Stored items from a collection:
* * * *

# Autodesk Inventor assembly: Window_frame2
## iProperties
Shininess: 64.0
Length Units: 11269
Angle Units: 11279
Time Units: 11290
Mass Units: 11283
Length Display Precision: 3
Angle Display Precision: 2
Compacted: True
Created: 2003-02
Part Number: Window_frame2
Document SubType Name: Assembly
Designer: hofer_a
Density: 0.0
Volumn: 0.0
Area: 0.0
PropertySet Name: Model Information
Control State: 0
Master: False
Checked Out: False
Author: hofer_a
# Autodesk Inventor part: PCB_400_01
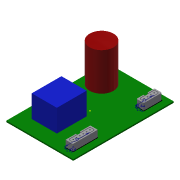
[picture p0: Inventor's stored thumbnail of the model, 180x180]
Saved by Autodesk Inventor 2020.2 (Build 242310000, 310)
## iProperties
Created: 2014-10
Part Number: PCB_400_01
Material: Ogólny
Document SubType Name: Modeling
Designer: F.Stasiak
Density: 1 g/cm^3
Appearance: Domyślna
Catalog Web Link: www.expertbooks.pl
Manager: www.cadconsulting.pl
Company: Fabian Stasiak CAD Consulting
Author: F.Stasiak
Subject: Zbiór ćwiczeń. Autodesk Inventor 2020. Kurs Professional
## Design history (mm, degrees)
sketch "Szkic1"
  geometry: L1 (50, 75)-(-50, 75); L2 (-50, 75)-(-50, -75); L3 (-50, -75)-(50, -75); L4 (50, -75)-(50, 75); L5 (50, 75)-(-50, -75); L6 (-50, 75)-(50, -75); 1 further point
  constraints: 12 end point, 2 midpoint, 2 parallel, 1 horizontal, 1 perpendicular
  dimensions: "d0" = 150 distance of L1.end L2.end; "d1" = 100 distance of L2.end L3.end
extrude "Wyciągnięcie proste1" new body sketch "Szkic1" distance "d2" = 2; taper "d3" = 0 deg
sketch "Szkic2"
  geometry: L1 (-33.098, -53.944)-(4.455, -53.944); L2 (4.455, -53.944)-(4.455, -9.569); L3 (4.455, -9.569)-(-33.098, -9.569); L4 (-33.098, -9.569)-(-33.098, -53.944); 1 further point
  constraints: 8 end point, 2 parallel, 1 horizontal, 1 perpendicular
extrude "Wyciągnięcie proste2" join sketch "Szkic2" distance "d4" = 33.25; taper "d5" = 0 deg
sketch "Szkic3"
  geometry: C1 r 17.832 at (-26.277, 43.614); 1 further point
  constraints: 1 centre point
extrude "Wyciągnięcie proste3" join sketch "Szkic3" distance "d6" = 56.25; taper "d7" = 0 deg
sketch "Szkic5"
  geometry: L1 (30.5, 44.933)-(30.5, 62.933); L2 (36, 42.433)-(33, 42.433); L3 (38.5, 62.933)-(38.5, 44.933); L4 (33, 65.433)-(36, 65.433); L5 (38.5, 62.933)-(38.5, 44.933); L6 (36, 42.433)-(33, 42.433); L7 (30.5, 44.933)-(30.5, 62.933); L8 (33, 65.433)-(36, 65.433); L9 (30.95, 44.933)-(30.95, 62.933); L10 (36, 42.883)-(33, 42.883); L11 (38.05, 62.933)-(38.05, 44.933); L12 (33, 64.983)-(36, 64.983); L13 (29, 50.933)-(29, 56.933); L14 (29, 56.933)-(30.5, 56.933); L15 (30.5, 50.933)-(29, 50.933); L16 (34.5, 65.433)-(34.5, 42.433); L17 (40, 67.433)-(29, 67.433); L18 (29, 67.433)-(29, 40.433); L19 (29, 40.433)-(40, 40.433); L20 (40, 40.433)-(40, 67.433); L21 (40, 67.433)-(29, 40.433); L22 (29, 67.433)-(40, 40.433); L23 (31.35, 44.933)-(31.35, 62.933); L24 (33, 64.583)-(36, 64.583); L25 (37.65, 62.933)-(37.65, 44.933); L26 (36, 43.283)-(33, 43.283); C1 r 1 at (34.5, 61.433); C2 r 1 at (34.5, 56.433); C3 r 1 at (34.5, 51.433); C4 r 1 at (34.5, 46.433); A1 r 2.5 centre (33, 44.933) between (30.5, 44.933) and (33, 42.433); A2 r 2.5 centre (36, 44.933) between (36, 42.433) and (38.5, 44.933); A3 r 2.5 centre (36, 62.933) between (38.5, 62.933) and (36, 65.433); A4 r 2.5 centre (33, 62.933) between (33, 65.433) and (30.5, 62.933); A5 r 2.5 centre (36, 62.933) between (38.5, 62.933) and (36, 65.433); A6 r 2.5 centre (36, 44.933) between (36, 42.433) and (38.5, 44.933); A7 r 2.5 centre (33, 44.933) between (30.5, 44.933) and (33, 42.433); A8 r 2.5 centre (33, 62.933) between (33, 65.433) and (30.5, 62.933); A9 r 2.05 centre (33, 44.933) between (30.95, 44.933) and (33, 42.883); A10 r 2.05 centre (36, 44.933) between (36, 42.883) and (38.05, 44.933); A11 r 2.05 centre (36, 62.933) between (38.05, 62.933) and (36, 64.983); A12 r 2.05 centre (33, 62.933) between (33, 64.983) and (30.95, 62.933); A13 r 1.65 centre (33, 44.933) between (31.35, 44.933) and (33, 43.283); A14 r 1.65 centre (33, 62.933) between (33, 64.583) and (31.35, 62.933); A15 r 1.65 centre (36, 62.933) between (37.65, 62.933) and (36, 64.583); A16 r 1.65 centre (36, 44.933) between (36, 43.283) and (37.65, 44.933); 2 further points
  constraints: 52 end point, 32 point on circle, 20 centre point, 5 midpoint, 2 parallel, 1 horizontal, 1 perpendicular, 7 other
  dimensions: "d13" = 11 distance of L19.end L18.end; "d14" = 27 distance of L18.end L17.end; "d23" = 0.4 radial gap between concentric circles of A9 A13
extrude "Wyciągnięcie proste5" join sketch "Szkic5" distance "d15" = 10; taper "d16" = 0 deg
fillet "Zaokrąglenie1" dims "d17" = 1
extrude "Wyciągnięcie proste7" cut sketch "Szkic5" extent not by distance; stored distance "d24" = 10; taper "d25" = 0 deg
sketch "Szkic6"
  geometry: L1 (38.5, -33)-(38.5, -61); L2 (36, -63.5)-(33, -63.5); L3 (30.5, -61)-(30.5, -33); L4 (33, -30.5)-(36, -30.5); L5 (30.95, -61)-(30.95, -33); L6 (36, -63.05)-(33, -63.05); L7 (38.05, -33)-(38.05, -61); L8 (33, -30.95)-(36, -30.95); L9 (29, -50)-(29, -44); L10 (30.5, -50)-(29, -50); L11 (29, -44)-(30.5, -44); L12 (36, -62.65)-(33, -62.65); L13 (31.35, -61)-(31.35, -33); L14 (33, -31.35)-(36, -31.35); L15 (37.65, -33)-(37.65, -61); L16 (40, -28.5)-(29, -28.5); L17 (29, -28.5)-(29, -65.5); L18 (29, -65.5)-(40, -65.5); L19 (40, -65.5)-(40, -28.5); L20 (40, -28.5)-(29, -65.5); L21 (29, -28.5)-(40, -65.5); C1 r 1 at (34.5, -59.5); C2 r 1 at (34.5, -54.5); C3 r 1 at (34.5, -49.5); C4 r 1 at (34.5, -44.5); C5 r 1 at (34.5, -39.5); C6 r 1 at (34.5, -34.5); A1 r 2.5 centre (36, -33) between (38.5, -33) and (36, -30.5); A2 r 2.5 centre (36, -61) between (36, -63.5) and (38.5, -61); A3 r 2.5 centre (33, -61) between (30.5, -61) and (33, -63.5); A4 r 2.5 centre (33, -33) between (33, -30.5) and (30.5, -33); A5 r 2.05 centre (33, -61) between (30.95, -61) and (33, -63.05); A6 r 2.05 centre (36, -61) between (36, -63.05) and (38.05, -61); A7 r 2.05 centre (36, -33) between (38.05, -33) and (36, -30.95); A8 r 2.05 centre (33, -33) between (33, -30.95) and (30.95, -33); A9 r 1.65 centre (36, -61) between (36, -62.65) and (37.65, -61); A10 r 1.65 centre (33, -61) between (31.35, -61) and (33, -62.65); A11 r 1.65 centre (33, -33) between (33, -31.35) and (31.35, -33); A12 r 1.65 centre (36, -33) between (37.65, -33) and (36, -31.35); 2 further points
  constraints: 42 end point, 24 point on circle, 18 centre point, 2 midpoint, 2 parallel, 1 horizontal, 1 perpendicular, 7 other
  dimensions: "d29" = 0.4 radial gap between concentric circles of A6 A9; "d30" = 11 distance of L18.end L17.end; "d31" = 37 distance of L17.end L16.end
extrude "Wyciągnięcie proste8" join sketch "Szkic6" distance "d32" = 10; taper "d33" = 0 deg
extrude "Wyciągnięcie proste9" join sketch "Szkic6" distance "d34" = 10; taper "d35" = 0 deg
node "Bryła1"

* * * *

Lines from the top of the data above through the line with "Master: False", both ends included: copy them exactly, nothing more.

# Autodesk Inventor assembly: Window_frame2
## iProperties
Shininess: 64.0
Length Units: 11269
Angle Units: 11279
Time Units: 11290
Mass Units: 11283
Length Display Precision: 3
Angle Display Precision: 2
Compacted: True
Created: 2003-02
Part Number: Window_frame2
Document SubType Name: Assembly
Designer: hofer_a
Density: 0.0
Volumn: 0.0
Area: 0.0
PropertySet Name: Model Information
Control State: 0
Master: False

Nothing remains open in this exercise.